Música de minorias no 13º Cantigas do Maio do Seixal

CULTURA
SEXTA-FEIRA, 24 MAI 2002

Música de minorias no 13º Cantigas do Maio do Seixal

Festival de “world music” no primeiro de dois fins-de-semana

Berroguetto, hoje, e Gjallarhorn, amanhã, são as duas apostas mais fortes para o primeiro fim-de-semana de "world music" que o festival Cantigas do Maio leva pela 13ª vez ao Seixal, este ano subordinado ao tema "Músicas de Minorias".
                Com os galegos Berroguetto, que já atuaram antes neste mesmo festival, é difícil separar na sua obra o amor pela tradição de um genuíno desejo de transgressão. O novo álbum deste grupo galego, intitulado "Hepta", foi buscar inspiração ao número "7", considerado sagrado nos circuitos herméticos, bem como à obra do artista plástico Georges Rousse, em particular uma instalação realizada na antiga fábrica de Sargadelos, hoje em ruínas.
                "Hepta" é folk, é jazz, é síntese, é a "xeometria heptacéfala, completa metamorfose dos agoiros oraculares nos pétalos encarnados da flor da realidade". É, sobretudo, a grande música de um dos mestres atuais da música galega, Anxo Pintos.
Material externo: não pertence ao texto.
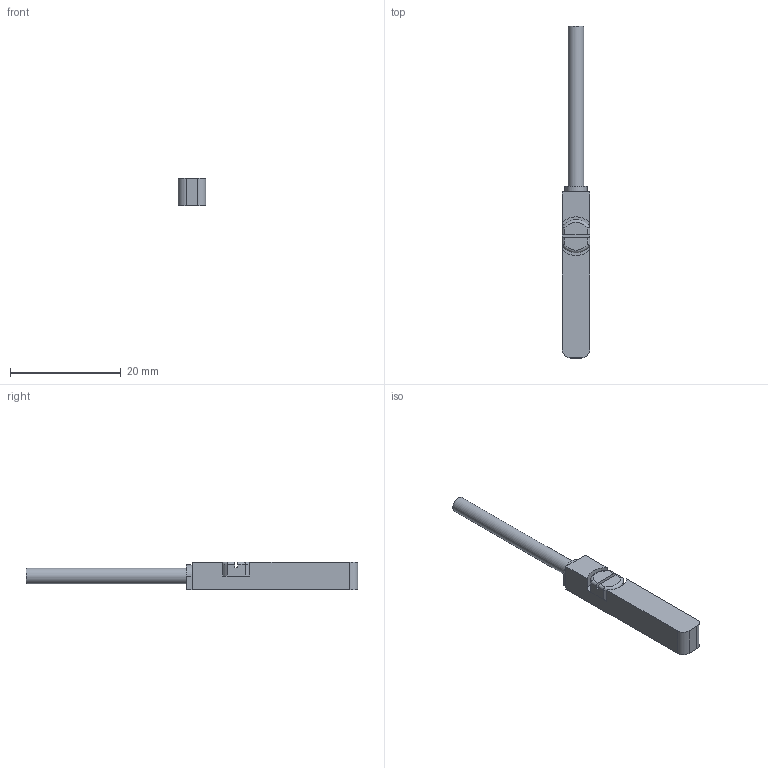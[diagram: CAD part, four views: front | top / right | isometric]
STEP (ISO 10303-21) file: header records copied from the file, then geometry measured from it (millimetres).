
FILE_DESCRIPTION(('FreeCAD Model'),'2;1');
FILE_NAME('Open CASCADE Shape Model','2025-09-16T14:49:05',(''),(''), 'Open CASCADE STEP processor 7.6','FreeCAD','Unknown');
FILE_SCHEMA(('AUTOMOTIVE_DESIGN { 1 0 10303 214 1 1 1 1 }'));
Length unit declared in the file: millimetre
Products named in the file (3): Unnamed; ZYT-07; Anschluß
Assembly tree (2 placements, depth 2):
  Unnamed
    ZYT-07
    Anschluß
Bounding box: 5 x 60 x 5 mm (x, y, z)
Volume: 928.5 mm3; surface area: 987.5 mm2
Topology: 2 solids, 2 shells, 40 faces, 90 edges, 54 vertices
Faces by surface type: plane 22, cylinder 12, bspline 4, torus 2
Full cylindrical faces by diameter (mm): 2.8 x1
Entity records: 1490 total; most frequent: CARTESIAN_POINT 547, DIRECTION 182, ORIENTED_EDGE 180, EDGE_CURVE 90, AXIS2_PLACEMENT_3D 61, LINE 60, VECTOR 60, VERTEX_POINT 54
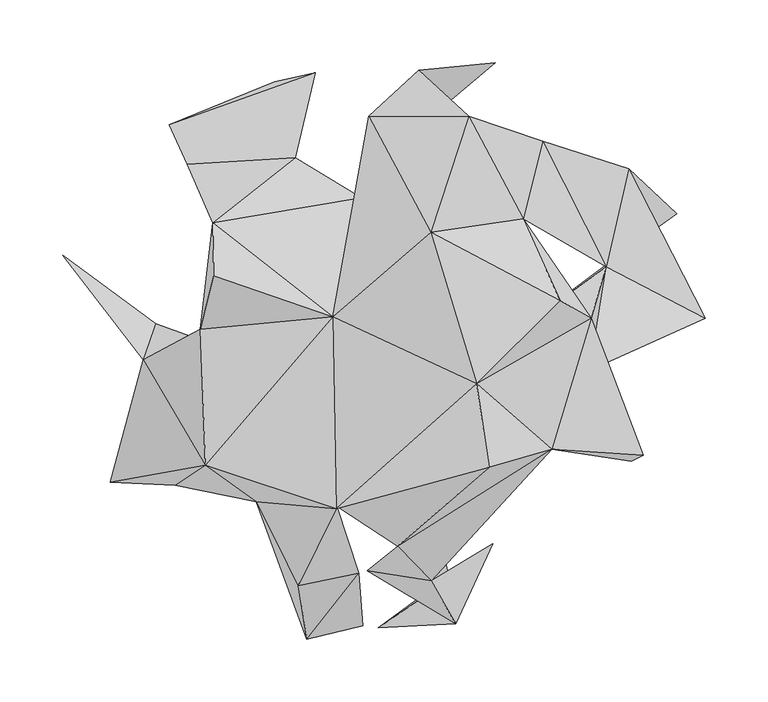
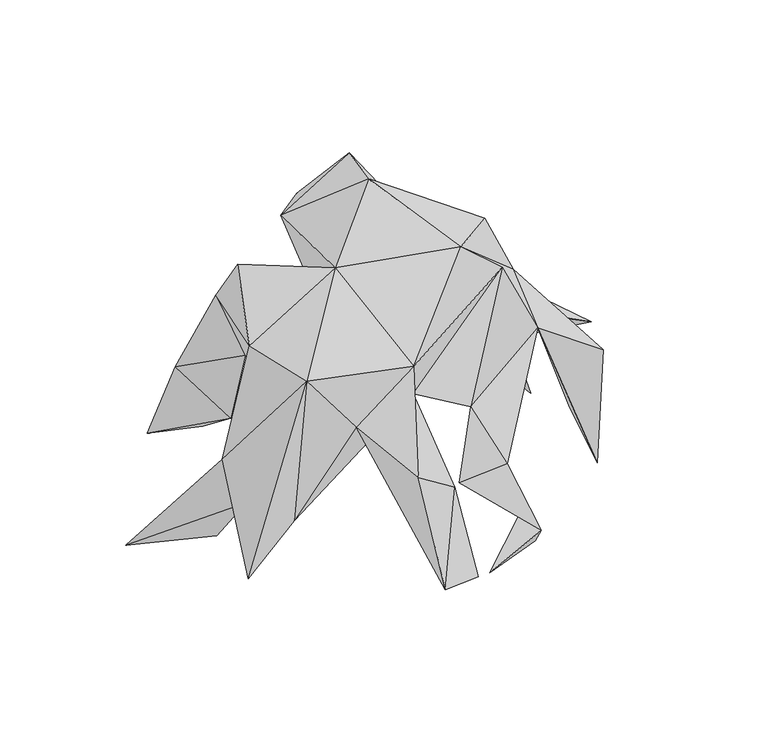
"""IFC4 building model written with IfcOpenShell, lengths in millimetres: geographic element geometry, Enscape AssetDefinition - Potted Plant 230 Grapevines : Enscape AssetDefinition - Potted Plant 230 Grapevines."""

from ifc_helpers import new_model, si_unit, origin, place, context, project, spatial, triangles, source, transform, mapped, element, save


def geographic_element_20805260(model_context):
    return source(origin(), model_context, "Body", "Tessellation", [
        triangles([(197.7290101, -108.4629925, -101.3199965), (207.0599994, -103.9829971, 31.6519992), (164.279998, -36.0089985, 48.8599991), (134.0249951, -99.1000012, 81.0599959), (176.1470062, -90.3230024, -37.0820025), (165.5610063, 5.3390001, 78.741996), (256.6890195, 5.6749999, -17.6449997), (104.1679967, -6.4579997, 79.0319947), (195.5460038, 124.918002, -2.6070002), (194.6610106, 60.7739975, -49.3830004), (234.0820055, 88.9689971, -148.3560063), (176.2530135, 114.6200023, -84.8710005), (177.544995, 46.4870017, 2.1), (137.5440027, 111.011002, 0.367), (111.2819974, 84.7650023, 92.0900003), (126.7980017, 146.6680007, 66.0879991), (140.9820014, 19.6199984, 141.5330034), (37.4659998, 74.2299985, 193.3609991), (67.7410005, 166.6190085, 158.7080089), (28.1620006, 203.437001, 100.0369989), (74.4410004, -46.6219998, 170.0209993), (-101.6509992, -140.8080023, 66.5299961), (-37.7800023, -146.373006, 122.7219968), (-142.4710003, -112.0059994, 119.7839948), (-67.9000024, -208.1059929, 33.5440008), (11.1819994, -176.5430031, 73.7140008), (84.2029999, -113.4169961, 181.8510003), (-13.0060001, -195.802002, 0.867), (32.6009988, -109.8820011, 84.7440006), (-37.1979997, -144.6409987, 87.6479931), (-3.3849999, -41.4279991, 4.0660002), (-114.0839976, 61.0829994, 36.9919985), (43.4049996, 21.4990011, 15.768001), (57.6809996, 149.0249971, 74.4910018), (-12.0479996, 166.4749948, 109.6970015), (-40.5430013, 6.6600001, 152.1379975), (-17.6640006, 101.4510023, 72.925), (-70.4160053, 133.728002, 41.4229985), (-35.546999, 25.4430009, -10.1929995), (-101.4079998, 112.5949987, -76.0440003), (-156.7350007, 128.2310083, -2.854), (-86.8870021, 194.1880016, -140.5210012), (-170.9180012, 159.7129984, -99.0149955), (-54.5299973, 201.4349975, -133.1800067), (-136.2860036, 81.4850063, 106.5769976), (-146.3200023, -3.4600001, 99.131004), (-128.6730053, -17.8859995, 44.0550008), (-166.1739957, -127.8570032, -34.008001), (-166.5080051, -31.4650012, -69.9390041), (-181.8899878, 1.195, -124.7650044), (-256.0549921, 55.605999, -143.430989), (-191.9209888, -27.5719998, -9.8780001), (-217.9850048, -125.337008, -88.2330046), (-20.0010003, -197.9460026, -1.085), (-61.2959997, -250.5469889, -81.1299952), (-16.7179998, -239.6429851, -87.3129936), (-135.4830003, 39.3210011, 169.7989925), (88.9950039, 209.3650004, -81.105996), (43.7869984, 171.1190064, -38.7340002), (57.5749968, -238.1450024, -57.1240023), (37.8409996, -203.8089987, 11.2420009), (-4.2170002, -241.5080057, -85.5719934), (52.4020022, -202.6799978, -57.708001), (87.2550029, -174.4509978, -118.8940056)], [[64, 62, 63], [62, 60, 63], [63, 60, 28], [64, 60, 62], [28, 60, 61], [63, 61, 64], [60, 64, 61], [59, 58, 20], [35, 58, 59], [20, 58, 35], [45, 46, 57], [45, 57, 36], [46, 36, 57], [36, 46, 24], [55, 56, 54], [25, 55, 54], [22, 55, 25], [54, 56, 22], [56, 55, 22], [30, 54, 22], [25, 54, 30], [24, 53, 48], [24, 48, 22], [30, 22, 48], [52, 53, 24], [52, 48, 53], [52, 24, 46], [50, 51, 52], [49, 48, 52], [51, 50, 49], [51, 49, 52], [47, 50, 52], [48, 49, 47], [30, 48, 47], [47, 52, 46], [49, 50, 47], [32, 46, 45], [47, 46, 32], [45, 41, 32], [44, 43, 41], [44, 42, 43], [43, 42, 40], [41, 40, 32], [41, 43, 40], [40, 42, 44], [45, 38, 41], [38, 44, 41], [32, 40, 38], [40, 44, 38], [39, 32, 38], [35, 37, 36], [45, 37, 38], [37, 45, 36], [39, 38, 37], [34, 59, 20], [34, 37, 35], [34, 35, 59], [33, 39, 37], [33, 37, 34], [47, 32, 31], [39, 31, 32], [31, 39, 33], [30, 47, 31], [8, 33, 34], [31, 33, 8], [29, 30, 31], [8, 29, 31], [4, 29, 8], [4, 61, 29], [61, 63, 29], [63, 28, 26], [28, 61, 26], [29, 26, 30], [63, 26, 29], [26, 61, 4], [26, 27, 30], [26, 4, 27], [23, 25, 30], [22, 23, 24], [24, 23, 36], [22, 25, 23], [30, 27, 23], [21, 23, 27], [27, 4, 21], [23, 21, 36], [6, 8, 34], [13, 8, 6], [21, 4, 6], [21, 6, 17], [35, 36, 18], [36, 21, 18], [18, 21, 17], [19, 20, 35], [19, 34, 20], [35, 18, 19], [15, 6, 34], [15, 19, 18], [18, 17, 15], [17, 6, 15], [19, 16, 34], [15, 16, 19], [13, 16, 15], [14, 13, 15], [34, 16, 14], [15, 34, 14], [14, 10, 13], [13, 10, 8], [14, 12, 10], [11, 10, 12], [13, 9, 16], [11, 12, 9], [10, 11, 9], [9, 14, 16], [12, 14, 9], [7, 10, 9], [13, 7, 9], [3, 4, 8], [3, 7, 13], [8, 10, 3], [7, 3, 10], [3, 13, 6], [5, 4, 3], [5, 1, 4], [4, 2, 6], [2, 3, 6], [2, 5, 3], [1, 2, 4], [2, 1, 5]]),
    ])


if __name__ == "__main__":
    model = new_model("IFC4")
    model_context = context("Model", 3, world=origin())
    ifc_project = project(units=[si_unit("LENGTHUNIT", "METRE", prefix="MILLI")], contexts=[model_context])
    site = spatial("IfcSite", under=ifc_project)
    building = spatial("IfcBuilding", under=site)
    placement = place(None, origin())
    geographic_element_shape = geographic_element_20805260(model_context)
    element("IfcGeographicElement", 1, ObjectType="Enscape AssetDefinition - Potted Plant 230 Grapevines : Enscape AssetDefinition - Potted Plant 230 Grapevines", at=placement, inside=building, context=model_context, shape_type="MappedRepresentation", body=[
        mapped(geographic_element_shape, transform((0.0, 0.0, 0.0), x_axis=(1.0, 0.0, 0.0), y_axis=(0.0, 1.0, 0.0), z_axis=(0.0, 0.0, 1.0))),
    ])
    save(model, "model.ifc")

Os Berroguetto atuam esta noite, por sinal também numa antiga fábrica, a Mundet. Completam a programação para hoje as percussões dos O Ó Que Som Tem, projeto em contínua evolução, orientado por Rui Júnior, de quem se espera a sucessão, para breve, do álbum "O Mundo Não Quer Acabar", editado em 1998.
                Os Gjallarhorn, da Finlândia, que atuam amanhã na Fábrica Mundet, são representantes da já vasta escola escandinava por onde passam os Hedningarna, Den Fule, Garmarna, Vasen, Hoven Droven, Varttina, Sirmakka, Pirnales, JPP, Niekku e Maria Kalaniemi, entre muitos outros. A sua música, audível no novo álbum "Sjofn", além de uma capa que decerto atrairá as atenções da fação masculina, mergulha nas baladas tradicionais dos arquipélagos finlandeses do Golfo de Bothnia, mas está longe de poder ser considerada anacrónica.
                Espere-se, em vez disso, uma combinação agradável da voz sensual da vocalista Jenny Wilhelms com o tipo de sonoridades com as quais os apreciadores da "nordic folk" já estão familiarizados, feita de violinos, percussões e flauta tradicionais, mas aqui com o toque exótico do didjeridu e da harpa judaica.
                Completam o programa de sábado os italianos Zoè, da região de Puglia. São especialistas em tocar a "pizzica", um tipo especial de pandeireta. Diz-se que com tal frenesi que as mãos dos músicos chegam a sangrar. Esperemos que não seja necessária a intervenção da equipa médica.